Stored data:
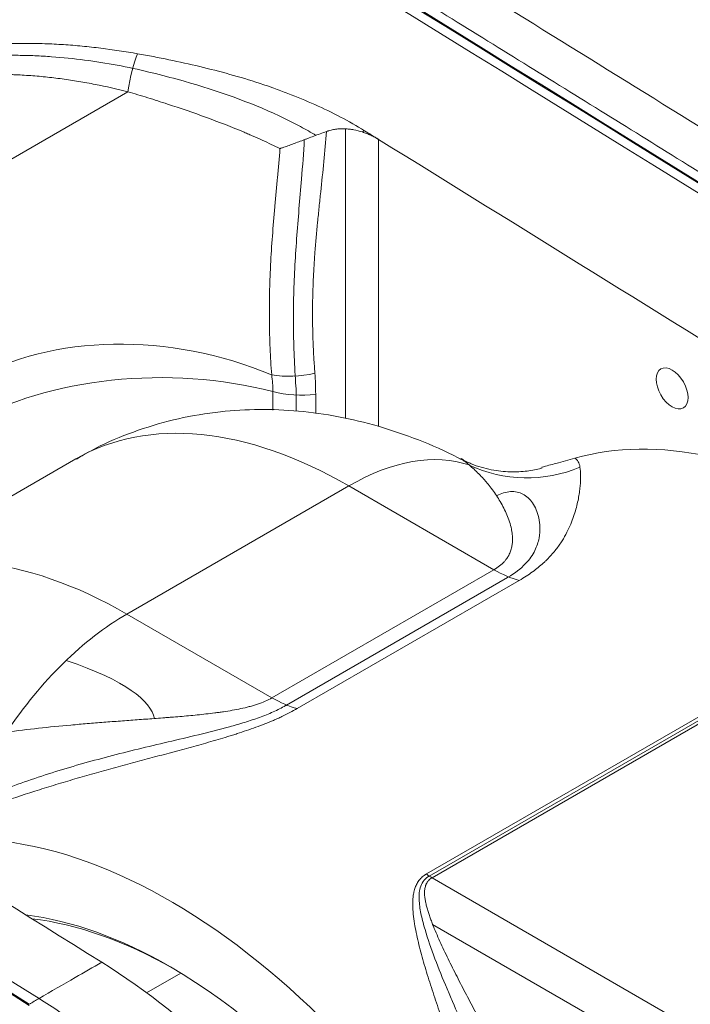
# Model space of a CAD drawing. Header units: millimetres. Extents: x 809 to 6054, y -5716 to -1261.
# Tile 89 of 94: x 5977 to 5985, y -5356 to -5344. Entities that reach past the tile are written whole.
import ezdxf

# ---------------------------------------------------------------- set-up
doc = ezdxf.new("R2010")
doc.units = ezdxf.units.MM
doc.header["$LTSCALE"] = 0.3175
doc.layers.add('1轮廓实线层', color=7, linetype='Continuous', lineweight=18)

# ---------------------------------------------------------------- blocks, each defined once
blk = doc.blocks.new('MR07S-930-Z')
at = {"layer": '1轮廓实线层'}
for p, q in [((7706.086, -5684.393), (7691.786, -5692.65)), ((7722.03, -5687.116), (7722.03, -5708.306)), ((7724.464, -5687.89), (7724.464, -5708.912)), ((7716.719, -5707.716), (7716.719, -5706.363)), ((7718.433, -5707.779), (7718.433, -5706.612)), ((7719.852, -5706.551), (7719.852, -5707.969)), ((7702.284, -5711.289), (7686.021, -5720.679)), ((7722.284, -5713.27), (7706.021, -5722.66)), ((7732.914, -5719.408), (7722.284, -5713.27)), ((7716.651, -5728.798), (7732.914, -5719.408)), ((7717.724, -5729.323), (7733.92, -5719.972)), ((7734.771, -5720.193), (7718.507, -5729.583)), ((7706.021, -5722.66), (7716.651, -5728.798)), ((7727.973, -5741.695), (7756.62, -5725.155)), ((7756.827, -5725.313), (7728.179, -5741.852)), ((7757.025, -5725.443), (7728.378, -5741.982)), ((7728.378, -5741.982), (7765.52, -5763.426)), ((7763.04, -5765.376), (7728.424, -5745.39)), ((7707.465, -5750.404), (7709.97, -5748.957)), ((7699.578, -5750.815), (7699.569, -5750.819))]:
    blk.add_line(p, q, dxfattribs=at)
for centre, major_axis, ratio, start_param, end_param in [((7442.271, -15056.66), (5847.272, -10127.773), 0.57735, 2.316004, 2.333362), ((7442.269, -15056.653), (-5847.318, 10127.852), 0.57735, 5.457597, 5.474954), ((7366.609, -15100.341), (-5847.271, 10127.771), 0.57735, 5.457597, 5.474954), ((7366.61, -15100.335), (-5847.318, 10127.852), 0.57735, 5.457597, 5.474954), ((7706.731, -5684.021), (-0.525, -2.954), 0.192474, 3.794873, 4.872943), ((7723.354, -5689.655), (-1.577, -2.552), 0.556697, 3.943964, 4.01709), ((7432.724, -15062.164), (-5847.333, 10127.877), 0.57735, 5.4625, 5.462626), ((7432.724, -15062.164), (5847.333, -10127.877), 0.57735, 2.31711, 2.320908), ((7708.495, -5716.889), (19.59, -4.027), 0.684608, 1.287044, 2.484993), ((7708.495, -5716.889), (20, 0), 0.57735, 1.147026, 2.356194), ((7718.659, -5702.204), (-4.943, -0.755), 0.595922, 1.058029, 1.710631), ((7718.775, -5703.732), (-5, 0), 0.57735, 1.147026, 1.787769), ((7722.284, -5745.93), (20, -34.641), 0.57735, 2.356194, 3.141593), ((7722.284, -5729.6), (-10, -17.321), 0.57735, 3.25441, 3.926991), ((7758.7, -5753.483), (23.5, -40.703), 0.57735, 2.662708, 2.99609), ((7735.5, -5702.81), (8.131, 5.821), 0.981387, 3.640709, 4.483864), ((7706.021, -5755.32), (-20, 34.641), 0.57735, 5.497787, 6.283259), ((7732.914, -5711.243), (5, -8.66), 0.57735, 5.497787, 5.763474), ((7706.021, -5738.99), (10, 17.321), 0.57735, 0.785398, 1.457979), ((7371.913, -15097.273), (-5847.333, 10127.877), 0.57735, 5.457597, 5.461609), ((7716.651, -5720.633), (-5, 8.66), 0.57735, 2.356194, 2.621882), ((7709.202, -5782.06), (23.5, -40.703), 0.57735, 6.147429, 9.241616), ((7728.415, -5739.554), (1.5, -2.598), 0.57735, 5.287703, 5.480334), ((7709.202, -5782.06), (-20.55, 35.594), 0.57735, 5.497787, 5.870753), ((7709.627, -5781.815), (20.25, -35.074), 0.57735, 2.363656, 2.733677), ((7702.839, -5785.735), (-23.5, 40.703), 0.57735, 3.141599, 5.457597), ((7709.202, -5782.06), (-20.55, 35.594), 0.57735, 3.490604, 5.497787), ((7699.092, -5764.244), (8.888, 14.248), 0.553686, 0.804702, 0.863592), ((7685.391, -5795.808), (34.151, 57.054), 0.587064, 5.781225, 5.883697)]:
    blk.add_ellipse(centre, major_axis=major_axis, ratio=ratio, start_param=start_param, end_param=end_param, dxfattribs=at)
blk.add_ellipse((7745.972, -5706.132), major_axis=(-0.825, 1.429), ratio=0.57735, dxfattribs=at)
blk.add_rational_spline([(7631.772, -5619.186), (7679.606, -5648.063), (7727.428, -5677.414), (7775.235, -5707.235)], [1, 0.999974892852, 0.999974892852, 1], degree=3, dxfattribs=at)
for points in [[(7630.36, -5619.898), (7678.193, -5648.776), (7726.017, -5678.127), (7773.824, -5707.949)], [(7556.114, -5662.764), (7603.947, -5691.642), (7651.771, -5720.994), (7699.578, -5750.815)], [(7719.794, -5705.015), (7719.813, -5705.27), (7719.842, -5705.78), (7719.852, -5706.294), (7719.852, -5706.551)], [(7718.431, -5706.612), (7718.427, -5706.394), (7718.417, -5706.179), (7718.402, -5705.967)], [(7701.578, -5726.054), (7705.965, -5727.551), (7707.728, -5728.99), (7708.051, -5730.311)]]:
    blk.add_open_spline(points, degree=3, dxfattribs=at)
for points, knots in [([(7756.95, -5692.541), (7755.323, -5691.527), (7739.261, -5681.523), (7718.978, -5669.027), (7700.32, -5657.631), (7696.102, -5655.061)], [0, 0, 0, 0, 0.080247, 0.792099, 1, 1, 1, 1]), ([(7686.024, -5683.607), (7686.189, -5683.511), (7686.358, -5683.418), (7686.616, -5683.282), (7686.703, -5683.238), (7686.879, -5683.149), (7686.968, -5683.106), (7687.414, -5682.891), (7687.783, -5682.731), (7688.539, -5682.43), (7688.928, -5682.29), (7689.724, -5682.03), (7690.133, -5681.91), (7690.759, -5681.745), (7691.076, -5681.665), (7691.399, -5681.592), (7691.561, -5681.556), (7691.669, -5681.532), (7692.212, -5681.417), (7692.706, -5681.327), (7693.59, -5681.187), (7694.036, -5681.127), (7694.934, -5681.025), (7695.386, -5680.983), (7696.297, -5680.917), (7696.755, -5680.893), (7697.447, -5680.869), (7697.678, -5680.863), (7697.969, -5680.858), (7698.027, -5680.857), (7698.143, -5680.856), (7698.317, -5680.854), (7698.491, -5680.854), (7699.07, -5680.854), (7699.531, -5680.863), (7700.452, -5680.894), (7700.911, -5680.917), (7701.826, -5680.977), (7702.283, -5681.014), (7703.193, -5681.101), (7703.647, -5681.15), (7705.005, -5681.318), (7705.906, -5681.455), (7706.803, -5681.614)], [0, 0, 0, 0, 0.03125, 0.03125, 0.046875, 0.046875, 0.0625, 0.0625, 0.125, 0.125, 0.1875, 0.1875, 0.25, 0.25, 0.28125, 0.296875, 0.296875, 0.304688, 0.3125, 0.375, 0.375, 0.4375, 0.4375, 0.5, 0.5, 0.5625, 0.5625, 0.59375, 0.59375, 0.601563, 0.601563, 0.609375, 0.625, 0.625, 0.6875, 0.6875, 0.75, 0.75, 0.8125, 0.8125, 0.875, 0.875, 1, 1, 1, 1]), ([(7708.118, -5683.069), (7707.957, -5683.029), (7707.796, -5682.99), (7706.868, -5682.769), (7706.085, -5682.602), (7703.726, -5682.163), (7702.129, -5681.949), (7700.097, -5681.8), (7699.688, -5681.777), (7698.868, -5681.743), (7698.456, -5681.733), (7697.228, -5681.723), (7696.416, -5681.744), (7694.805, -5681.85), (7694.006, -5681.934), (7692.82, -5682.115), (7692.427, -5682.184), (7691.659, -5682.339), (7691.282, -5682.426), (7690.174, -5682.712), (7689.463, -5682.938), (7688.447, -5683.337), (7688.117, -5683.48), (7687.486, -5683.78), (7687.185, -5683.937), (7686.844, -5684.133), (7686.792, -5684.163), (7686.741, -5684.193)], [0, 0, 0, 0, 0.022704, 0.022704, 0.130212, 0.130212, 0.345229, 0.345229, 0.398983, 0.398983, 0.452737, 0.452737, 0.560246, 0.560246, 0.667754, 0.667754, 0.721508, 0.721508, 0.775262, 0.775262, 0.882771, 0.882771, 0.936525, 0.936525, 0.990279, 0.990279, 1, 1, 1, 1]), ([(7706.803, -5681.614), (7707.574, -5681.751), (7708.34, -5681.896), (7709.858, -5682.207), (7710.61, -5682.373), (7712.844, -5682.907), (7714.302, -5683.311), (7715.899, -5683.833), (7716.075, -5683.892), (7716.34, -5683.982), (7716.427, -5684.013), (7716.603, -5684.073), (7717.039, -5684.227), (7717.469, -5684.385), (7718.488, -5684.776), (7719.15, -5685.05), (7720.437, -5685.627), (7721.063, -5685.93), (7722.275, -5686.567), (7722.862, -5686.9), (7723.429, -5687.25)], [0, 0, 0, 0, 0.125, 0.125, 0.25, 0.25, 0.5, 0.5, 0.53125, 0.53125, 0.546875, 0.546875, 0.5625, 0.625, 0.625, 0.75, 0.75, 0.875, 0.875, 1, 1, 1, 1]), ([(7706.086, -5684.393), (7705.294, -5684.195), (7704.497, -5684.017), (7703.294, -5683.782), (7702.891, -5683.709), (7702.083, -5683.575), (7701.678, -5683.514), (7700.864, -5683.404), (7700.456, -5683.355), (7699.636, -5683.27), (7699.225, -5683.235), (7698.604, -5683.192), (7698.397, -5683.18), (7698.086, -5683.164), (7697.982, -5683.16), (7697.775, -5683.151), (7697.257, -5683.133), (7696.742, -5683.127), (7695.924, -5683.135), (7695.517, -5683.147), (7694.708, -5683.19), (7694.305, -5683.221), (7693.506, -5683.302), (7693.109, -5683.353), (7692.617, -5683.43), (7692.519, -5683.446), (7692.371, -5683.471), (7692.322, -5683.48), (7692.225, -5683.497), (7691.981, -5683.541), (7691.741, -5683.59), (7691.172, -5683.714), (7690.801, -5683.807), (7690.078, -5684.015), (7689.726, -5684.129), (7689.04, -5684.381), (7688.707, -5684.519), (7688.344, -5684.687), (7688.304, -5684.705), (7688.224, -5684.744), (7688.184, -5684.763), (7688.065, -5684.821), (7687.83, -5684.939), (7687.603, -5685.064), (7687.455, -5685.149)], [0, 0, 0, 0, 0.125, 0.125, 0.1875, 0.1875, 0.25, 0.25, 0.3125, 0.3125, 0.375, 0.375, 0.40625, 0.40625, 0.421875, 0.421875, 0.4375, 0.5, 0.5, 0.5625, 0.5625, 0.625, 0.625, 0.6875, 0.6875, 0.703125, 0.703125, 0.710937, 0.710937, 0.71875, 0.75, 0.75, 0.8125, 0.8125, 0.875, 0.875, 0.9375, 0.9375, 0.945312, 0.945312, 0.953125, 0.953125, 0.96875, 1, 1, 1, 1]), ([(7719.871, -5687.591), (7719.506, -5687.373), (7719.13, -5687.16), (7718.231, -5686.677), (7717.703, -5686.413), (7715.012, -5685.152), (7712.678, -5684.327), (7709.527, -5683.433), (7708.826, -5683.247), (7708.118, -5683.069)], [0, 0, 0, 0, 0.109717, 0.109717, 0.255084, 0.255084, 0.836552, 0.836552, 1, 1, 1, 1]), ([(7717.237, -5688.567), (7716.813, -5688.357), (7716.381, -5688.152), (7715.723, -5687.851), (7715.391, -5687.703), (7715.055, -5687.557), (7714.83, -5687.46), (7714.717, -5687.412), (7713.699, -5686.983), (7712.777, -5686.624), (7710.905, -5685.939), (7709.955, -5685.613), (7708.514, -5685.144), (7708.032, -5684.99), (7707.062, -5684.688), (7706.575, -5684.54), (7706.086, -5684.393)], [0, 0, 0, 0, 0.125, 0.125, 0.1875, 0.21875, 0.21875, 0.25, 0.25, 0.5, 0.5, 0.75, 0.75, 0.875, 0.875, 1, 1, 1, 1]), ([(7723.273, -5687.346), (7723.069, -5687.281), (7722.86, -5687.228), (7722.538, -5687.168), (7722.43, -5687.152), (7722.21, -5687.127), (7722.1, -5687.118), (7721.959, -5687.113), (7721.931, -5687.112), (7721.875, -5687.111), (7721.847, -5687.111), (7721.762, -5687.111), (7721.706, -5687.112), (7721.537, -5687.12), (7721.425, -5687.13), (7721.202, -5687.16), (7721.091, -5687.181), (7720.926, -5687.22), (7720.871, -5687.235), (7720.789, -5687.259), (7720.762, -5687.268), (7720.708, -5687.285), (7720.681, -5687.295), (7720.654, -5687.304)], [0, 0, 0, 0, 0.25, 0.25, 0.375, 0.375, 0.5, 0.5, 0.53125, 0.53125, 0.5625, 0.5625, 0.625, 0.625, 0.75, 0.75, 0.875, 0.875, 0.9375, 0.9375, 0.96875, 0.96875, 1, 1, 1, 1]), ([(7717.237, -5688.567), (7717.252, -5688.562), (7717.268, -5688.556), (7717.299, -5688.545), (7717.346, -5688.529), (7717.455, -5688.491), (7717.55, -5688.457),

(WORK REQUEST): What belongs in the answer is each line of the data that has the word "dxfattribs".

(SOLUTION):
    blk.add_line(p, q, dxfattribs=at)
    blk.add_ellipse(centre, major_axis=major_axis, ratio=ratio, start_param=start_param, end_param=end_param, dxfattribs=at)
blk.add_ellipse((7745.972, -5706.132), major_axis=(-0.825, 1.429), ratio=0.57735, dxfattribs=at)
blk.add_rational_spline([(7631.772, -5619.186), (7679.606, -5648.063), (7727.428, -5677.414), (7775.235, -5707.235)], [1, 0.999974892852, 0.999974892852, 1], degree=3, dxfattribs=at)
    blk.add_open_spline(points, degree=3, dxfattribs=at)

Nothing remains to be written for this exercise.